(Items from a dataset)
****************
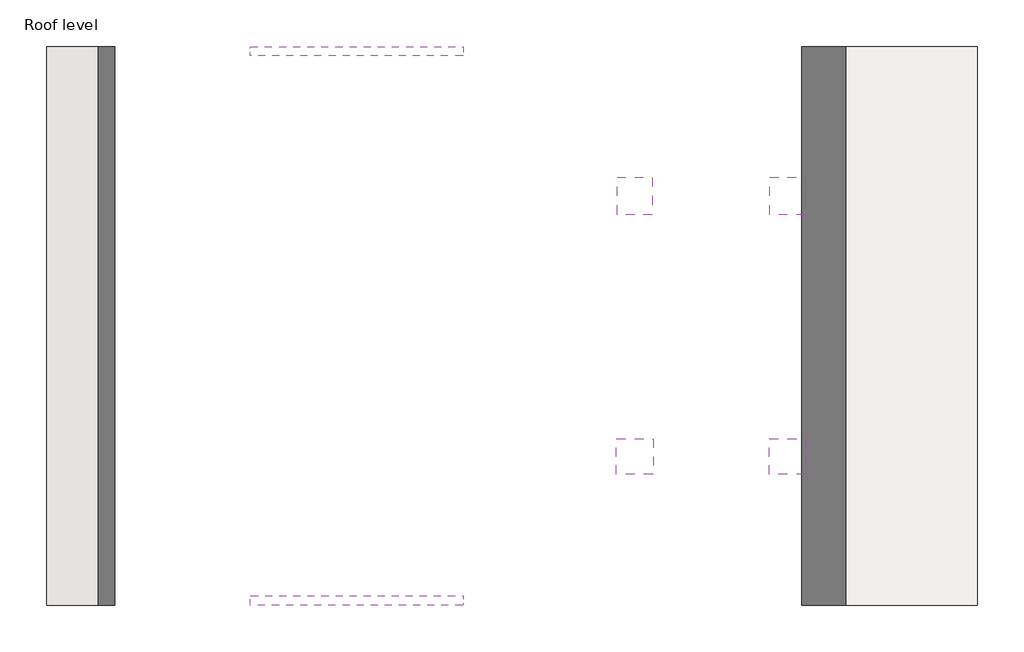
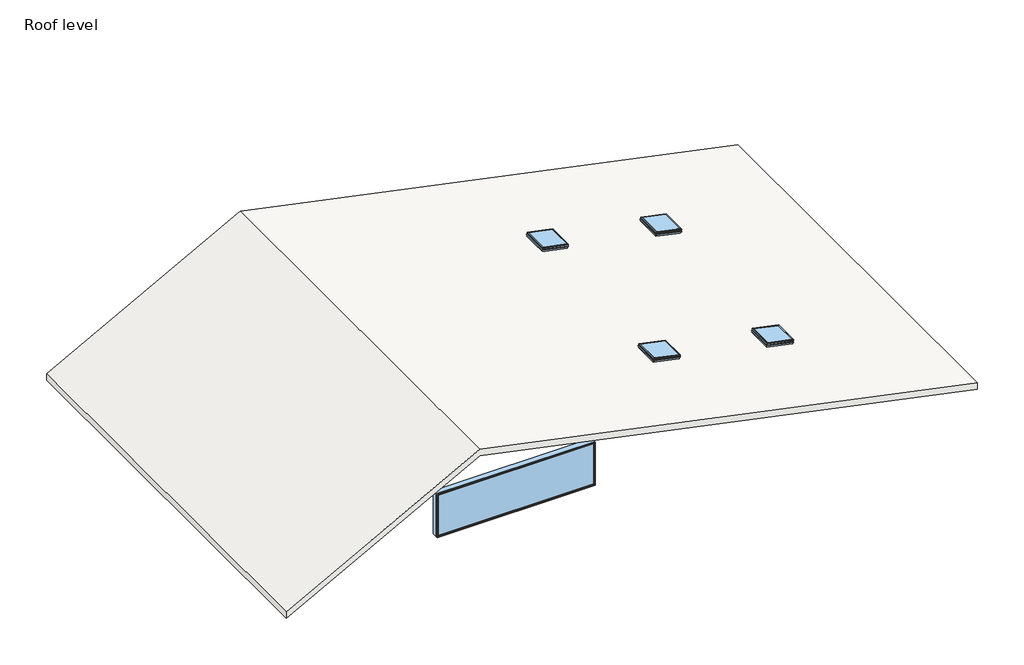
# One storey: 6 windows, 1 roof.
"""IFC4 building model written with IfcOpenShell, lengths in millimetres."""

import ifcopenshell
import ifcopenshell.guid

model = None  # the IFC model being written
_history = None  # IfcOwnerHistory: only IFC2X3 demands one
_inside = {}  # id of a spatial element -> (the spatial element, [elements in it])
_under = {}  # id of a project, library or spatial element -> (it, [spatial elements below it])
_declared = {}  # id of a project -> (the project, [libraries it declares])
_typed = {}  # id of a type object -> (the type object, [elements of that type])
_made_of = {}  # id of a material, layer set ... -> (it, [elements and type objects made of it])


def new_model(schema):
    """Start an empty IFC model of exactly this schema.

    Asked for "IFC4X3", IfcOpenShell would pick the latest addendum, in which some entities
    have other attributes; the version numbers below select the first issue.
    IFC2X3 requires an IfcOwnerHistory on every rooted entity: one is made here for all.
    """
    global model, _history
    if schema == "IFC4X3":
        model = ifcopenshell.file(schema_version=(4, 3, 0, 0))
    else:
        model = ifcopenshell.file(schema=schema)
    _inside.clear()
    _under.clear()
    _declared.clear()
    _typed.clear()
    _made_of.clear()
    _history = None
    if model.schema == "IFC2X3":
        org = make("IfcOrganization", Name="unknown")
        user = make(
            "IfcPersonAndOrganization",
            ThePerson=make("IfcPerson", FamilyName="unknown"),
            TheOrganization=org,
        )
        app = make(
            "IfcApplication",
            ApplicationDeveloper=org,
            Version="unknown",
            ApplicationFullName="unknown",
            ApplicationIdentifier="unknown",
        )
        _history = make(
            "IfcOwnerHistory",
            OwningUser=user,
            OwningApplication=app,
            ChangeAction="ADDED",
            CreationDate=0,
        )
    return model


def make(cls, **values):
    """One entity of the class cls with the attributes given. An attribute that is None is left unset."""
    return model.create_entity(
        cls, **{name: value for name, value in values.items() if value is not None}
    )


def rooted(cls, **values):
    """An entity with a GlobalId (a new one), such as an element, a storey or a relation."""
    return make(cls, GlobalId=ifcopenshell.guid.new(), OwnerHistory=_history, **values)


def si_unit(unit_type, name, prefix=None):
    """IfcSIUnit, for example si_unit("LENGTHUNIT", "METRE", prefix="MILLI")."""
    return make("IfcSIUnit", UnitType=unit_type, Prefix=prefix, Name=name)


def assignment(units):
    """IfcUnitAssignment: the units of a project."""
    return None if units is None else make("IfcUnitAssignment", Units=units)


def point(xyz):
    """IfcCartesianPoint."""
    return None if xyz is None else make("IfcCartesianPoint", Coordinates=xyz)


def direction(xyz):
    """IfcDirection."""
    return None if xyz is None else make("IfcDirection", DirectionRatios=xyz)


def frame(location, z_axis=None, x_axis=None):
    """IfcAxis2Placement3D, a coordinate frame: its origin and axes. An axis left out is left unset."""
    return make(
        "IfcAxis2Placement3D",
        Location=point(location),
        Axis=direction(z_axis),
        RefDirection=direction(x_axis),
    )


def origin():
    """The frame at (0, 0, 0) with its axes left unset."""
    return frame((0.0, 0.0, 0.0))


def place(relative_to, where):
    """IfcLocalPlacement: puts the frame where relative to a parent placement (None: the world)."""
    return make(
        "IfcLocalPlacement", PlacementRelTo=relative_to, RelativePlacement=where
    )


def context(
    kind, dimensions, precision=None, world=None, true_north=None, identifier=None
):
    """IfcGeometricRepresentationContext, for example the 3D "Model" context."""
    return make(
        "IfcGeometricRepresentationContext",
        ContextIdentifier=identifier,
        ContextType=kind,
        CoordinateSpaceDimension=dimensions,
        Precision=precision,
        WorldCoordinateSystem=world,
        TrueNorth=true_north,
    )


def project(units=None, contexts=None):
    """IfcProject with its units and contexts."""
    return rooted(
        "IfcProject",
        Name="project",
        RepresentationContexts=contexts,
        UnitsInContext=assignment(units),
    )


def spatial(cls, under=None, at=None, **own):
    """A site, building, storey or space (cls), placed at a placement, below another one or the project."""
    s = rooted(cls, ObjectPlacement=at, **own)
    if under is not None:
        _under.setdefault(under.id(), (under, []))[1].append(s)
    return s


def polyline(points):
    """IfcPolyline through the points."""
    return make("IfcPolyline", Points=[point(p) for p in points])


def outline(outer, holes=None, kind="AREA"):
    """IfcArbitraryClosedProfileDef: a profile drawn as a closed curve; with holes, ...WithVoids."""
    if holes is None:
        return make("IfcArbitraryClosedProfileDef", ProfileType=kind, OuterCurve=outer)
    return make(
        "IfcArbitraryProfileDefWithVoids",
        ProfileType=kind,
        OuterCurve=outer,
        InnerCurves=holes,
    )


def extrude(swept, where, along, depth):
    """IfcExtrudedAreaSolid: the profile swept, set in the frame where, extruded along a direction by depth."""
    return make(
        "IfcExtrudedAreaSolid",
        SweptArea=swept,
        Position=where,
        ExtrudedDirection=direction(along),
        Depth=depth,
    )


def faces_of(points, faces, orient=None, outer=None):
    """IfcFace entities. A face is a list of loops; a loop is a list of indices into points, from 0.

    orient and outer hold one flag for each loop. By default every Orientation is true, the
    first loop of a face is its IfcFaceOuterBound and the others are IfcFaceBound.
    """
    made = []
    for i, loops in enumerate(faces):
        bounds = []
        for j, loop in enumerate(loops):
            is_outer = j == 0 if outer is None else outer[i][j]
            bounds.append(
                make(
                    "IfcFaceOuterBound" if is_outer else "IfcFaceBound",
                    Bound=make("IfcPolyLoop", Polygon=[points[k] for k in loop]),
                    Orientation=True if orient is None else orient[i][j],
                )
            )
        made.append(make("IfcFace", Bounds=bounds))
    return made


def faceted_brep(points, faces, orient=None, outer=None, voids=None):
    """IfcFacetedBrep: a solid bounded by flat faces; with voids (closed shells), ...WithVoids."""
    shared = [point(p) for p in points]
    hull = make("IfcClosedShell", CfsFaces=faces_of(shared, faces, orient, outer))
    if voids is None:
        return make("IfcFacetedBrep", Outer=hull)
    return make(
        "IfcFacetedBrepWithVoids",
        Outer=hull,
        Voids=[
            make(cls, CfsFaces=faces_of(shared, fs, o, b)) for cls, fs, o, b in voids
        ],
    )


def shape(context_of_items, identifier, shape_type, items):
    """IfcShapeRepresentation: the items that make up one representation, for example the "Body"."""
    return make(
        "IfcShapeRepresentation",
        ContextOfItems=context_of_items,
        RepresentationIdentifier=identifier,
        RepresentationType=shape_type,
        Items=items,
    )


def source(mapping_origin, context_of_items, identifier, shape_type, items):
    """IfcRepresentationMap: a shape defined once, which mapped items show again and again."""
    return make(
        "IfcRepresentationMap",
        MappingOrigin=mapping_origin,
        MappedRepresentation=shape(context_of_items, identifier, shape_type, items),
    )


def transform(
    local_origin,
    x_axis=None,
    y_axis=None,
    z_axis=None,
    scale=None,
    scale2=None,
    scale3=None,
    uniform=True,
):
    """IfcCartesianTransformationOperator3D, or its non-uniform kind. x_axis, y_axis, z_axis: its Axis1, 2, 3."""
    if uniform:
        return make(
            "IfcCartesianTransformationOperator3D",
            Axis1=direction(x_axis),
            Axis2=direction(y_axis),
            LocalOrigin=point(local_origin),
            Scale=scale,
            Axis3=direction(z_axis),
        )
    return make(
        "IfcCartesianTransformationOperator3DnonUniform",
        Axis1=direction(x_axis),
        Axis2=direction(y_axis),
        LocalOrigin=point(local_origin),
        Scale=scale,
        Axis3=direction(z_axis),
        Scale2=scale2,
        Scale3=scale3,
    )


def mapped(mapping_source, mapping_target):
    """IfcMappedItem: shows the shape of a source again, moved by a transform."""
    return make(
        "IfcMappedItem", MappingSource=mapping_source, MappingTarget=mapping_target
    )


def made_of(thing, what):
    """Note that an element or type object is made of a material, layer set ...; save() writes the relation."""
    if what is not None:
        _made_of.setdefault(what.id(), (what, []))[1].append(thing)
    return thing


def element(
    cls,
    number,
    at=None,
    inside=None,
    cuts=None,
    type_object=None,
    material=None,
    context=None,
    identifier="Body",
    shape_type=None,
    held_by="IfcProductDefinitionShape",
    body=None,
    shapes=None,
    **own,
):
    """One element of the class cls, such as IfcWall. Its Tag is "e" and its number.

    at: its placement. inside: the storey or other place that contains it. cuts: it is an
    opening in that element (IfcRelVoidsElement). A single representation is given by context,
    identifier, shape_type and body (its items); several are given by shapes. held_by: the class
    of the entity that holds the representations. save() writes the other relations.
    """
    e = rooted(cls, Tag="e%d" % number, ObjectPlacement=at, **own)
    if body is not None:
        shapes = [shape(context, identifier, shape_type, body)]
    if shapes is not None:
        e.Representation = make(held_by, Representations=shapes)
    if inside is not None:
        _inside.setdefault(inside.id(), (inside, []))[1].append(e)
    if cuts is not None:
        rooted(
            "IfcRelVoidsElement", RelatingBuildingElement=cuts, RelatedOpeningElement=e
        )
    if type_object is not None:
        _typed.setdefault(type_object.id(), (type_object, []))[1].append(e)
    return made_of(e, material)


def aggregate(whole, parts):
    """IfcRelAggregates: a whole, such as a stair, and the parts it consists of."""
    return rooted("IfcRelAggregates", RelatingObject=whole, RelatedObjects=parts)


def save(model, path):
    """Write the relations noted so far, then the file.

    IfcRelAggregates (storeys below a building ...), IfcRelContainedInSpatialStructure (elements
    in a storey), IfcRelDefinesByType, IfcRelAssociatesMaterial and IfcRelDeclares: one each for
    every whole, place, type object, material and project.
    """
    for whole, parts in _under.values():
        aggregate(whole, parts)
    for where, things in _inside.values():
        rooted(
            "IfcRelContainedInSpatialStructure",
            RelatedElements=things,
            RelatingStructure=where,
        )
    for kind, things in _typed.values():
        rooted("IfcRelDefinesByType", RelatedObjects=things, RelatingType=kind)
    for what, things in _made_of.values():
        rooted("IfcRelAssociatesMaterial", RelatedObjects=things, RelatingMaterial=what)
    for by, libraries in _declared.values():
        rooted("IfcRelDeclares", RelatingContext=by, RelatedDefinitions=libraries)
    model.write(path)


def m_fixed_2800x4977mm_04857461(model_context):
    return source(origin(), model_context, "Body", "SweptSolid", [
        extrude(outline(polyline([(-3420.85, 130.4), (3420.85, 130.4), (3420.85, 118.4), (-3420.85, 118.4), (-3420.85, 130.4)])), frame((0.0, 0.0, 978.0), z_axis=(0.0, 0.0, 1.0), x_axis=(1.0, 0.0, 0.0)), (0.0, 0.0, 1.0), 1874.0),
        extrude(outline(polyline([(2896.0, -3464.85), (934.0, -3464.85), (934.0, 3464.85), (2896.0, 3464.85), (2896.0, -3464.85)]), holes=[polyline([(2852.0, -3420.85), (2852.0, 3420.85), (978.0, 3420.85), (978.0, -3420.85), (2852.0, -3420.85)])]), frame((0.0, 102.4, 0.0), z_axis=(0.0, 1.0, 0.0), x_axis=(0.0, 0.0, 1.0)), (0.0, 0.0, 1.0), 44.0),
        extrude(outline(polyline([(2915.0, -3483.85), (915.0, -3483.85), (915.0, 3483.85), (2915.0, 3483.85), (2915.0, -3483.85)]), holes=[polyline([(2896.0, -3464.85), (2896.0, 3464.85), (934.0, 3464.85), (934.0, -3464.85), (2896.0, -3464.85)])]), frame((0.0, 102.4, 0.0), z_axis=(0.0, 1.0, 0.0), x_axis=(0.0, 0.0, 1.0)), (0.0, 0.0, 1.0), 63.0),
        extrude(outline(polyline([(2915.0, -3483.85), (915.0, -3483.85), (915.0, 3483.85), (2915.0, 3483.85), (2915.0, -3483.85)]), holes=[polyline([(2883.0, -3451.85), (2883.0, 3451.85), (947.0, 3451.85), (947.0, -3451.85), (2883.0, -3451.85)])]), frame((0.0, -139.4, 0.0), z_axis=(0.0, 1.0, 0.0), x_axis=(0.0, 0.0, 1.0)), (0.0, 0.0, 1.0), 241.8),
    ])


def m_fixed_2800x4977mm_bf86b0e8(model_context):
    return source(origin(), model_context, "Body", "SweptSolid", [
        extrude(outline(polyline([(-3420.85, -130.4), (-3420.85, -118.4), (3420.85, -118.4), (3420.85, -130.4), (-3420.85, -130.4)])), frame((0.0, 0.0, 978.0), z_axis=(0.0, 0.0, 1.0), x_axis=(1.0, 0.0, 0.0)), (0.0, 0.0, 1.0), 1874.0),
        extrude(outline(polyline([(2896.0, -3464.85), (934.0, -3464.85), (934.0, 3464.85), (2896.0, 3464.85), (2896.0, -3464.85)]), holes=[polyline([(2852.0, -3420.85), (2852.0, 3420.85), (978.0, 3420.85), (978.0, -3420.85), (2852.0, -3420.85)])]), frame((0.0, -146.4, 0.0), z_axis=(0.0, 1.0, 0.0), x_axis=(0.0, 0.0, 1.0)), (0.0, 0.0, 1.0), 44.0),
        extrude(outline(polyline([(2915.0, -3483.85), (915.0, -3483.85), (915.0, 3483.85), (2915.0, 3483.85), (2915.0, -3483.85)]), holes=[polyline([(2896.0, -3464.85), (2896.0, 3464.85), (934.0, 3464.85), (934.0, -3464.85), (2896.0, -3464.85)])]), frame((0.0, -165.4, 0.0), z_axis=(0.0, 1.0, 0.0), x_axis=(0.0, 0.0, 1.0)), (0.0, 0.0, 1.0), 63.0),
        extrude(outline(polyline([(2915.0, -3483.85), (915.0, -3483.85), (915.0, 3483.85), (2915.0, 3483.85), (2915.0, -3483.85)]), holes=[polyline([(2883.0, -3451.85), (2883.0, 3451.85), (947.0, 3451.85), (947.0, -3451.85), (2883.0, -3451.85)])]), frame((0.0, -102.4, 0.0), z_axis=(0.0, 1.0, 0.0), x_axis=(0.0, 0.0, 1.0)), (0.0, 0.0, 1.0), 241.8),
    ])


def window_c0717641(model_context):
    return source(origin(), model_context, "Body", "SolidModel", [
        faceted_brep([(254.440073, 370.1040988, 4114.8), (279.840073, 395.5040988, 4114.8), (279.840073, -772.8959012, 4114.8), (254.440073, -747.4959012, 4114.8), (254.440073, 370.1040988, 4140.2), (254.440073, -747.4959012, 4140.2), (292.540073, 408.2040988, 4140.2), (292.540073, -785.5959012, 4140.2), (292.540073, 408.2040988, 4114.8), (292.540073, -785.5959012, 4114.8), (292.540073, 408.2040988, 4064.0), (292.540073, -785.5959012, 4064.0), (307.1089145, 422.7729403, 4043.1935381), (307.1089145, -800.1647427, 4043.1935381), (301.907299, 417.5713248, 4039.5513277), (301.907299, -794.9631272, 4039.5513277), (286.190073, 401.8540988, 4061.9978527), (286.190073, -779.2459012, 4061.9978527), (286.190073, 401.8540988, 4114.8), (286.190073, -779.2459012, 4114.8), (-837.759927, -772.8959012, 4114.8), (-812.359927, -747.4959012, 4114.8), (-812.359927, -747.4959012, 4140.2), (-850.459927, -785.5959012, 4140.2), (-850.459927, -785.5959012, 4114.8), (-850.459927, -785.5959012, 4064.0), (-865.0287685, -800.1647427, 4043.1935381), (-859.827153, -794.9631272, 4039.5513277), (-844.109927, -779.2459012, 4061.9978527), (-844.109927, -779.2459012, 4114.8), (-837.759927, 395.5040988, 4114.8), (-812.359927, 370.1040988, 4114.8), (-812.359927, 370.1040988, 4140.2), (-850.459927, 408.2040988, 4140.2), (-850.459927, 408.2040988, 4114.8), (-850.459927, 408.2040988, 4064.0), (-865.0287685, 422.7729403, 4043.1935381), (-859.827153, 417.5713248, 4039.5513277), (-844.109927, 401.8540988, 4061.9978527), (-844.109927, 401.8540988, 4114.8)], [[[0, 1, 2, 3]], [[4, 0, 3, 5]], [[6, 4, 5, 7]], [[8, 6, 7, 9]], [[10, 8, 9, 11]], [[12, 10, 11, 13]], [[14, 12, 13, 15]], [[16, 14, 15, 17]], [[18, 16, 17, 19]], [[1, 18, 19, 2]], [[3, 2, 20, 21]], [[5, 3, 21, 22]], [[7, 5, 22, 23]], [[9, 7, 23, 24]], [[11, 9, 24, 25]], [[13, 11, 25, 26]], [[15, 13, 26, 27]], [[17, 15, 27, 28]], [[19, 17, 28, 29]], [[2, 19, 29, 20]], [[21, 20, 30, 31]], [[22, 21, 31, 32]], [[23, 22, 32, 33]], [[24, 23, 33, 34]], [[25, 24, 34, 35]], [[26, 25, 35, 36]], [[27, 26, 36, 37]], [[28, 27, 37, 38]], [[29, 28, 38, 39]], [[20, 29, 39, 30]], [[31, 30, 1, 0]], [[32, 31, 0, 4]], [[33, 32, 4, 6]], [[34, 33, 6, 8]], [[35, 34, 8, 10]], [[36, 35, 10, 12]], [[37, 36, 12, 14]], [[38, 37, 14, 16]], [[39, 38, 16, 18]], [[30, 39, 18, 1]]]),
        faceted_brep([(279.840073, -772.8959012, 4114.8), (279.840073, -772.8959012, 3962.4), (279.840073, 395.5040988, 3962.4), (279.840073, 395.5040988, 4114.8), (254.440073, -747.4959012, 4114.8), (254.440073, 370.1040988, 4114.8), (254.440073, -747.4959012, 4089.4), (254.440073, 370.1040988, 4089.4), (235.390073, -728.4459012, 4089.4), (235.390073, 351.0540988, 4089.4), (235.390073, -728.4459012, 3962.4), (235.390073, 351.0540988, 3962.4), (-837.759927, 395.5040988, 3962.4), (-837.759927, 395.5040988, 4114.8), (-812.359927, 370.1040988, 4114.8), (-812.359927, 370.1040988, 4089.4), (-793.309927, 351.0540988, 4089.4), (-793.309927, 351.0540988, 3962.4), (-837.759927, -772.8959012, 3962.4), (-837.759927, -772.8959012, 4114.8), (-812.359927, -747.4959012, 4114.8), (-812.359927, -747.4959012, 4089.4), (-793.309927, -728.4459012, 4089.4), (-793.309927, -728.4459012, 3962.4)], [[[0, 1, 2, 3]], [[4, 0, 3, 5]], [[6, 4, 5, 7]], [[8, 6, 7, 9]], [[10, 8, 9, 11]], [[1, 10, 11, 2]], [[3, 2, 12, 13]], [[5, 3, 13, 14]], [[7, 5, 14, 15]], [[9, 7, 15, 16]], [[11, 9, 16, 17]], [[2, 11, 17, 12]], [[13, 12, 18, 19]], [[14, 13, 19, 20]], [[15, 14, 20, 21]], [[16, 15, 21, 22]], [[17, 16, 22, 23]], [[12, 17, 23, 18]], [[19, 18, 1, 0]], [[20, 19, 0, 4]], [[21, 20, 4, 6]], [[22, 21, 6, 8]], [[23, 22, 8, 10]], [[18, 23, 10, 1]]]),
        extrude(outline(polyline([(254.440073, -747.4959012), (-812.359927, -747.4959012), (-812.359927, 370.1040988), (254.440073, 370.1040988), (254.440073, -747.4959012)])), frame((0.0, 0.0, 4133.85), z_axis=(0.0, 0.0, 1.0), x_axis=(1.0, 0.0, 0.0)), (0.0, 0.0, 1.0), 6.35),
    ])


model = new_model("IFC4")

# Units and contexts
model_context = context("Model", 3, world=origin())
ifc_project = project(units=[si_unit("LENGTHUNIT", "METRE", prefix="MILLI")], contexts=[model_context])

# Site, building, storey
site = spatial("IfcSite", under=ifc_project)
building = spatial("IfcBuilding", under=site)
storey = spatial("IfcBuildingStorey", under=building, Name="Roof level", Elevation=9144.0)

# Roof
placement = place(None, origin())
element("IfcRoof", 1, ObjectType="Generic Roof - 304.8mm", at=placement, inside=storey, context=model_context, shape_type="Brep", body=[
    faceted_brep([(31657.0035739, 12383.3990339, 9448.8), (31657.0035739, 12383.3990339, 9144.0), (9711.4035739, 12383.3990339, 13716.0), (1177.0035739, 12383.3990339, 9144.0), (1177.0035739, 12383.3990339, 9448.8), (9711.4035739, 12383.3990339, 14020.8), (1177.0035739, -5904.6009661, 9144.0), (1177.0035739, -5904.6009661, 9448.8), (9711.4035739, -5904.6009661, 13716.0), (31657.0035739, -5904.6009661, 9144.0), (31657.0035739, -5904.6009661, 9448.8), (9711.4035739, -5904.6009661, 14020.8), (25945.0342483, -1554.3509661, 10638.7936095), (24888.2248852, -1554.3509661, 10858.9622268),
****************
Work instructions. Check each line of the data above for the word "attributes" and say how many lines have it. Give the number alone.

Answer below. 2